Yep, it shows up on their screen in big red letters. 


Sent from my iPhone using Tapatalk


----------



## Redheads (Jun 9, 2008)

bearcat3993 said:


> Yep, it shows up on their screen in big red letters.
> 
> 
> Sent from my iPhone using Tapatalk


YEP as previously stated............as long as the driver is the owner of the vehicle, other than that its a crap shoot


----------



## bearcat3993 (Oct 2, 2015)

A few years back , I was letting my son drive my car to and from school. After a couple of weeks, I put the car in my son’s name for that very reason. I didn’t want him to get pulled over with my CCW permit tied to that vehicle and something happening. 

He always knew that I had my CCW and I warned him not to do something stupid if he got pulled over by the police. I told him to just keep his hands on the wheel until the officer told you to do otherwise. But after a couple of weeks, I decided that was stupid to put him in that situation, so I just transferred it over to his name. 


Sent from my iPhone using Tapatalk


----------



## I Fish (Sep 24, 2008)

You want to know why I support Constitutional carry? Because the bad guys don't care. Do you think a bad guy with a gun is going to tell the police he has one? No. So why should it be illegal for the good guys?


----------



## berkshirepresident (Jul 24, 2013)

I Fish said:


> You want to know why I support Constitutional carry? Because the bad guys don't care. Do you think a bad guy with a gun is going to tell the police he has one? No. So why should it be illegal for the good guys?


Why not let the Cops know you're one of the good guys as quickly and safely as possible? 
Pride, perceived moral high ground, or some other BS reason?


----------



## I Fish (Sep 24, 2008)

berkshirepresident said:


> Why not let the Cops know you're one of the good guys as quickly and safely as possible?
> Pride, perceived moral high ground, or some other BS reason?


No bs reason at all. In the midst of a stressful situation, it should not be a crime to forget, and yet it is.


----------



## FOWL BRAWL (Feb 13, 2020)

I Fish said:


> No bs reason at all. In the midst of a stressful situation, it should not be a crime to forget, and yet it is.

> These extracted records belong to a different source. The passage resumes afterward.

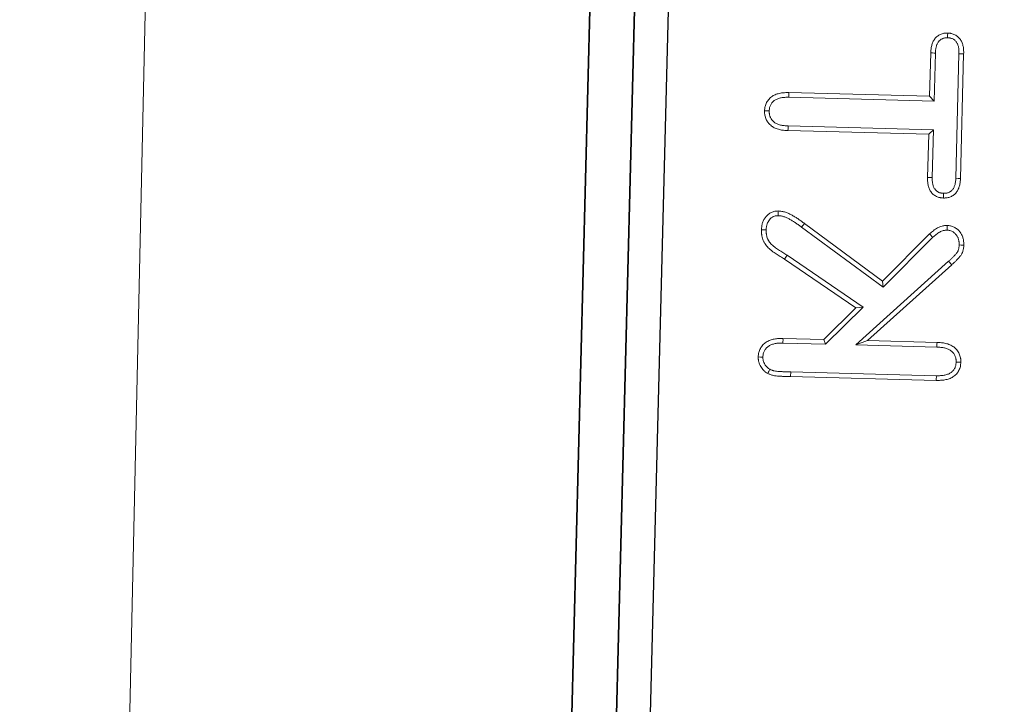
# Model space of a CAD drawing. Header units: metres. Extents: x 232680 to 233262, y 554200 to 554550.
# Tile 161 of 254: x 232760.979 to 232761.124, y 554476.398 to 554476.5. Entities that reach past the tile are written whole.
import ezdxf

# ---------------------------------------------------------------- set-up
doc = ezdxf.new("R2010")
doc.units = ezdxf.units.M
doc.linetypes.add('NLCS-HIDDEN', pattern=[4, 2, -2])
for name, color, linetype, lineweight in [('ACO constructie 035', 7, 'Continuous', 35), ('ACO tekst', 251, 'Continuous', 9), ('ACO verborgen', 251, 'NLCS-HIDDEN', 13), ('N-WE-VH-VERHARDING_ASFALT_TUSSENLAAG_2-GD', 7, 'Continuous', 25)]:
    doc.layers.add(name, color=color, linetype=linetype, lineweight=lineweight)

# ---------------------------------------------------------------- blocks, each defined once
blk = doc.blocks.new('KT 500-640 (doorsnede)')
at = {"layer": 'ACO constructie 035'}
for p, q in [((1, -0.08), (0, -0.08)), ((1, -0.08), (0, -0.08)), ((1, -0.08661), (0, -0.08661)), ((1, -0.08661), (0, -0.08661))]:
    blk.add_line(p, q, dxfattribs=at)
at = {"layer": 'ACO tekst'}
for p, q in [((0.83334, -0.03113), (0.85178, -0.03113)), ((0.83335, -0.03182), (0.85177, -0.03182)), ((0.80831, -0.04599), (0.82103, -0.03257)), ((0.809, -0.04425), (0.82053, -0.03209)), ((0.82103, -0.03257), (0.82053, -0.03209)), ((0.80338, -0.05551), (0.80338, -0.03394)), ((0.80407, -0.0555), (0.80407, -0.03395)), ((0.80831, -0.03398), (0.80831, -0.04599)), ((0.809, -0.03397), (0.809, -0.04425)), ((0.82452, -0.03498), (0.81695, -0.04215)), ((0.825, -0.03548), (0.81786, -0.04225)), ((0.83975, -0.036), (0.83334, -0.036)), ((0.84044, -0.03531), (0.83335, -0.03531)), ((0.84044, -0.03531), (0.83975, -0.036)), ((0.83975, -0.05684), (0.83975, -0.036)), ((0.84044, -0.05683), (0.84044, -0.03531)), ((0.84468, -0.03531), (0.84468, -0.05683)), ((0.84468, -0.03531), (0.84537, -0.036)), ((0.85177, -0.03531), (0.84468, -0.03531)), ((0.84537, -0.036), (0.84537, -0.05684)), ((0.85178, -0.036), (0.84537, -0.036)), ((0.81695, -0.04215), (0.82552, -0.05444)), ((0.81695, -0.04215), (0.81786, -0.04225)), ((0.81786, -0.04225), (0.82609, -0.05404)), ((0.80831, -0.04599), (0.809, -0.04425)), ((0.81393, -0.04504), (0.80831, -0.05046)), ((0.81393, -0.04504), (0.8138, -0.04612)), ((0.82134, -0.0565), (0.81393, -0.04504)), ((0.8138, -0.04612), (0.809, -0.05075)), ((0.82075, -0.05686), (0.8138, -0.04612)), ((0.80831, -0.05046), (0.809, -0.05075)), ((0.80831, -0.05046), (0.80831, -0.05677)), ((0.809, -0.05075), (0.809, -0.05678)), ((0.82552, -0.05444), (0.82609, -0.05404)), ((0.80407, -0.0555), (0.80338, -0.05551)), ((0.82134, -0.0565), (0.82075, -0.05686))]:
    blk.add_line(p, q, dxfattribs=at)
at = {"layer": 'ACO tekst', "flags": 128}
for points in [[(0.80616, -0.03107), (0.80616, -0.03086), (0.80616, -0.03065), (0.80616, -0.03038)], [(0.82349, -0.03107), (0.82349, -0.03076), (0.8235, -0.03038)], [(0.83335, -0.03182), (0.83334, -0.03147), (0.83334, -0.03113)], [(0.85177, -0.03182), (0.85177, -0.03147), (0.85178, -0.03113)], [(0.82563, -0.03292), (0.82598, -0.03292), (0.82633, -0.03293)], [(0.80407, -0.03395), (0.80386, -0.03394), (0.80365, -0.03394), (0.80338, -0.03394)], [(0.80831, -0.03398), (0.80852, -0.03398), (0.80872, -0.03398), (0.809, -0.03397)], [(0.85409, -0.03357), (0.85444, -0.03357), (0.85479, -0.03357)], [(0.82452, -0.03498), (0.82466, -0.03513), (0.82481, -0.03528), (0.825, -0.03548)], [(0.83335, -0.03531), (0.83335, -0.03552), (0.83334, -0.03572), (0.83334, -0.036)], [(0.85177, -0.03531), (0.85177, -0.03552), (0.85178, -0.03572), (0.85178, -0.036)], [(0.80831, -0.05677), (0.80852, -0.05677), (0.80872, -0.05677), (0.809, -0.05678)], [(0.84044, -0.05683), (0.84023, -0.05683), (0.84003, -0.05683), (0.83975, -0.05684)], [(0.84468, -0.05683), (0.84489, -0.05683), (0.8451, -0.05683), (0.84537, -0.05684)], [(0.82713, -0.05797), (0.82748, -0.05798), (0.82783, -0.05798)], [(0.80616, -0.05968), (0.80616, -0.06003), (0.80616, -0.06038)], [(0.825, -0.05968), (0.825, -0.06003), (0.825, -0.06038)], [(0.84258, -0.05968), (0.84258, -0.05989), (0.84258, -0.0601), (0.84258, -0.06038)]]:
    blk.add_lwpolyline(points, dxfattribs=at)
at = {"layer": 'ACO tekst'}
for points, knots in [([(0.80338, -0.03394), (0.80338, -0.03372), (0.80339, -0.03351), (0.80341, -0.03319), (0.80342, -0.03308), (0.80345, -0.03287), (0.80347, -0.03277), (0.80352, -0.03256), (0.80354, -0.03245), (0.8036, -0.03225), (0.80363, -0.03215), (0.80371, -0.03195), (0.80375, -0.03185), (0.80385, -0.03166), (0.8039, -0.03157), (0.80402, -0.03139), (0.80409, -0.0313), (0.80423, -0.03114), (0.8043, -0.03106), (0.80446, -0.03092), (0.80455, -0.03086), (0.80472, -0.03074), (0.80482, -0.03069), (0.80501, -0.03059), (0.80511, -0.03055), (0.80531, -0.03048), (0.80542, -0.03045), (0.80557, -0.03042), (0.80563, -0.03041), (0.80573, -0.0304), (0.80578, -0.0304), (0.80594, -0.03038), (0.80605, -0.03038), (0.80616, -0.03038)], [0, 0, 0, 0, 0.125, 0.125, 0.1875, 0.1875, 0.25, 0.25, 0.3125, 0.3125, 0.375, 0.375, 0.4375, 0.4375, 0.5, 0.5, 0.5625, 0.5625, 0.625, 0.625, 0.6875, 0.6875, 0.75, 0.75, 0.8125, 0.8125, 0.875, 0.875, 0.90625, 0.90625, 0.9375, 0.9375, 1, 1, 1, 1]), ([(0.80616, -0.03038), (0.80627, -0.03038), (0.80638, -0.03038), (0.80654, -0.0304), (0.80659, -0.0304), (0.8067, -0.03042), (0.80675, -0.03043), (0.80691, -0.03046), (0.80701, -0.03049), (0.80722, -0.03056), (0.80732, -0.0306), (0.80751, -0.0307), (0.80761, -0.03075), (0.80779, -0.03087), (0.80788, -0.03093), (0.80812, -0.03115), (0.80826, -0.03131), (0.80851, -0.03167), (0.80861, -0.03186), (0.80878, -0.03226), (0.80884, -0.03247), (0.8089, -0.03279), (0.80892, -0.03289), (0.80895, -0.03311), (0.80896, -0.03322), (0.80899, -0.03354), (0.80899, -0.03376), (0.809, -0.03397)], [0, 0, 0, 0, 0.0625, 0.0625, 0.09375, 0.09375, 0.125, 0.125, 0.1875, 0.1875, 0.25, 0.25, 0.3125, 0.3125, 0.375, 0.375, 0.5, 0.5, 0.625, 0.625, 0.75, 0.75, 0.8125, 0.8125, 0.875, 0.875, 1, 1, 1, 1]), ([(0.82053, -0.03209), (0.82063, -0.03198), (0.82074, -0.03188), (0.82089, -0.03172), (0.82094, -0.03167), (0.82105, -0.03156), (0.8211, -0.03151), (0.82127, -0.03136), (0.82137, -0.03126), (0.8216, -0.03106), (0.82171, -0.03097), (0.82189, -0.03084), (0.82195, -0.03079), (0.82207, -0.03071), (0.82214, -0.03067), (0.82223, -0.03062), (0.82227, -0.03061), (0.82234, -0.03058), (0.82237, -0.03056), (0.82247, -0.03052), (0.82254, -0.0305), (0.82269, -0.03046), (0.82276, -0.03045), (0.82291, -0.03042), (0.82298, -0.03041), (0.8232, -0.03038), (0.82335, -0.03038), (0.8235, -0.03038)], [0, 0, 0, 0, 0.125, 0.125, 0.1875, 0.1875, 0.25, 0.25, 0.375, 0.375, 0.5, 0.5, 0.5625, 0.5625, 0.625, 0.625, 0.65625, 0.65625, 0.6875, 0.6875, 0.75, 0.75, 0.8125, 0.8125, 0.875, 0.875, 1, 1, 1, 1]), ([(0.8235, -0.03038), (0.82367, -0.03038), (0.82385, -0.03039), (0.82407, -0.03042), (0.82412, -0.03042), (0.8242, -0.03044), (0.82425, -0.03045), (0.82438, -0.03048), (0.82446, -0.0305), (0.82463, -0.03056), (0.82471, -0.03059), (0.82488, -0.03066), (0.82496, -0.0307), (0.82511, -0.03079), (0.82519, -0.03083), (0.82533, -0.03094), (0.8254, -0.03099), (0.82553, -0.03111), (0.8256, -0.03117), (0.82572, -0.0313), (0.82578, -0.03137), (0.82594, -0.03158), (0.82604, -0.03173), (0.82619, -0.03205), (0.82624, -0.03223), (0.82629, -0.03249), (0.8263, -0.03257), (0.82632, -0.03275), (0.82632, -0.03284), (0.82633, -0.03293)], [0, 0, 0, 0, 0.125, 0.125, 0.15625, 0.15625, 0.1875, 0.1875, 0.25, 0.25, 0.3125, 0.3125, 0.375, 0.375, 0.4375, 0.4375, 0.5, 0.5, 0.5625, 0.5625, 0.625, 0.625, 0.75, 0.75, 0.875, 0.875, 0.9375, 0.9375, 1, 1, 1, 1]), ([(0.80407, -0.03395), (0.80407, -0.03374), (0.80408, -0.03354), (0.8041, -0.03326), (0.80411, -0.03317), (0.80414, -0.03299), (0.80415, -0.0329), (0.80419, -0.03272), (0.80421, -0.03263), (0.80426, -0.03245), (0.80429, -0.03237), (0.80435, -0.03221), (0.80438, -0.03214), (0.80445, -0.032), (0.80449, -0.03193), (0.80458, -0.0318), (0.80463, -0.03174), (0.80473, -0.03162), (0.80479, -0.03156), (0.8049, -0.03146), (0.80496, -0.03142), (0.80508, -0.03133), (0.80515, -0.0313), (0.80529, -0.03123), (0.80536, -0.0312), (0.80551, -0.03115), (0.80558, -0.03113), (0.80569, -0.03111), (0.80573, -0.0311), (0.80581, -0.03109), (0.80585, -0.03109), (0.80597, -0.03108), (0.80606, -0.03107), (0.80616, -0.03107)], [0.0017559, 0.0017559, 0.0017559, 0.0017559, 0.125, 0.125, 0.1875, 0.1875, 0.25, 0.25, 0.3125, 0.3125, 0.375, 0.375, 0.4375, 0.4375, 0.5, 0.5, 0.5625, 0.5625, 0.625, 0.625, 0.6875, 0.6875, 0.75, 0.75, 0.8125, 0.8125, 0.875, 0.875, 0.90625, 0.90625, 0.9375, 0.9375, 0.9945665, 0.9945665, 0.9945665, 0.9945665]), ([(0.80616, -0.03107), (0.80626, -0.03107), (0.80635, -0.03108), (0.80647, -0.03109), (0.80651, -0.03109), (0.80659, -0.0311), (0.80663, -0.03111), (0.80674, -0.03113), (0.80681, -0.03115), (0.80696, -0.0312), (0.80704, -0.03124), (0.80719, -0.03131), (0.80726, -0.03135), (0.80738, -0.03143), (0.80744, -0.03147), (0.80762, -0.03163), (0.80773, -0.03175), (0.80791, -0.03202), (0.80799, -0.03216), (0.80812, -0.03248), (0.80817, -0.03265), (0.80822, -0.03292), (0.80824, -0.03301), (0.80826, -0.03319), (0.80827, -0.03328), (0.8083, -0.03357), (0.8083, -0.03377), (0.80831, -0.03398)], [0.0053646, 0.0053646, 0.0053646, 0.0053646, 0.0625, 0.0625, 0.09375, 0.09375, 0.125, 0.125, 0.1875, 0.1875, 0.25, 0.25, 0.3125, 0.3125, 0.375, 0.375, 0.5, 0.5, 0.625, 0.625, 0.75, 0.75, 0.8125, 0.8125, 0.875, 0.875, 0.9982572, 0.9982572, 0.9982572, 0.9982572]), ([(0.82103, -0.03257), (0.82113, -0.03246), (0.82123, -0.03236), (0.82138, -0.03221), (0.82143, -0.03216), (0.82153, -0.03206), (0.82158, -0.03201), (0.82173, -0.03187), (0.82184, -0.03177), (0.82205, -0.03159), (0.82215, -0.03151), (0.8223, -0.0314), (0.82234, -0.03136), (0.82244, -0.0313), (0.82248, -0.03127), (0.82254, -0.03124), (0.82256, -0.03123), (0.8226, -0.03122), (0.82262, -0.03121), (0.82269, -0.03118), (0.82274, -0.03117), (0.82286, -0.03114), (0.82291, -0.03112), (0.82302, -0.0311), (0.82308, -0.03109), (0.82323, -0.03107), (0.82335, -0.03107), (0.82349, -0.03107)], [0, 0, 0, 0, 0.125, 0.125, 0.1875, 0.1875, 0.25, 0.25, 0.375, 0.375, 0.5, 0.5, 0.5625, 0.5625, 0.625, 0.625, 0.65625, 0.65625, 0.6875, 0.6875, 0.75, 0.75, 0.8125, 0.8125, 0.875, 0.875, 0.9943064, 0.9943064, 0.9943064, 0.9943064]), ([(0.82349, -0.03107), (0.82366, -0.03107), (0.82381, -0.03108), (0.82397, -0.0311), (0.824, -0.03111), (0.82407, -0.03112), (0.8241, -0.03113), (0.8242, -0.03115), (0.82426, -0.03117), (0.8244, -0.03121), (0.82446, -0.03124), (0.82458, -0.03129), (0.82464, -0.03132), (0.82475, -0.03138), (0.8248, -0.03141), (0.82491, -0.03148), (0.82496, -0.03153), (0.82506, -0.03162), (0.82511, -0.03166), (0.8252, -0.03176), (0.82525, -0.03181), (0.82537, -0.03197), (0.82543, -0.03208), (0.82554, -0.0323), (0.82557, -0.03241), (0.82561, -0.03258), (0.82561, -0.03265), (0.82563, -0.03278), (0.82563, -0.03285), (0.82563, -0.03292)], [0.0047534, 0.0047534, 0.0047534, 0.0047534, 0.125, 0.125, 0.15625, 0.15625, 0.1875, 0.1875, 0.25, 0.25, 0.3125, 0.3125, 0.375, 0.375, 0.4375, 0.4375, 0.5, 0.5, 0.5625, 0.5625, 0.625, 0.625, 0.75, 0.75, 0.875, 0.875, 0.9375, 0.9375, 0.9897909, 0.9897909, 0.9897909, 0.9897909]), ([(0.83037, -0.03357), (0.83038, -0.03339), (0.83039, -0.03321), (0.83044, -0.03294), (0.83046, -0.03285), (0.83052, -0.03268), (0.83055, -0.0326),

If you cant think straight enough in "a stressful situation" enough let LEO know your carrying maybe you should think twice about carrying


----------



## ruffhunter (Dec 10, 2005)

I didnt always have a chance to run a plate while stopping a car. *I WAS MORE AT EASE WHEN TOLD YOU ARE CCW AND TELLS ME ITS A PERSON I DONT HAVE TO WORRY ABOUT. That meant its a good guy. *I think 99% of all ccw carriers i dealt got a warning after that. I was surprised how many didnt carry when they did not inform and or after finding they were carriers. I always told them they should be carrying! 

There were a couple inner city thugs with continuous, documented not charged, criminal history, serious fi's being with traffickers or always at a shooting scene, scene of crime that were ccw holders. Often inner city drug gangs, usually in their 30s to 40s would use these guys as security for themselves or dope sales. So if they were stopped, nothing found, they were good to go. Had one perfectly functioning, and under the influence guy, we were always at his government apartment for handicap/disabilities dealing with him and his son,. Always disturbances, people showing up and fighting from middletowny (yeah im gonna hear it) east and west dayton. This guy said he had all kinds injuries and he was basically selling his pharmacy. One day i run him for warrants and low and behold he has a ccw. That county sheriffs got well notified. We have dealt with some total goof ccw carriers. 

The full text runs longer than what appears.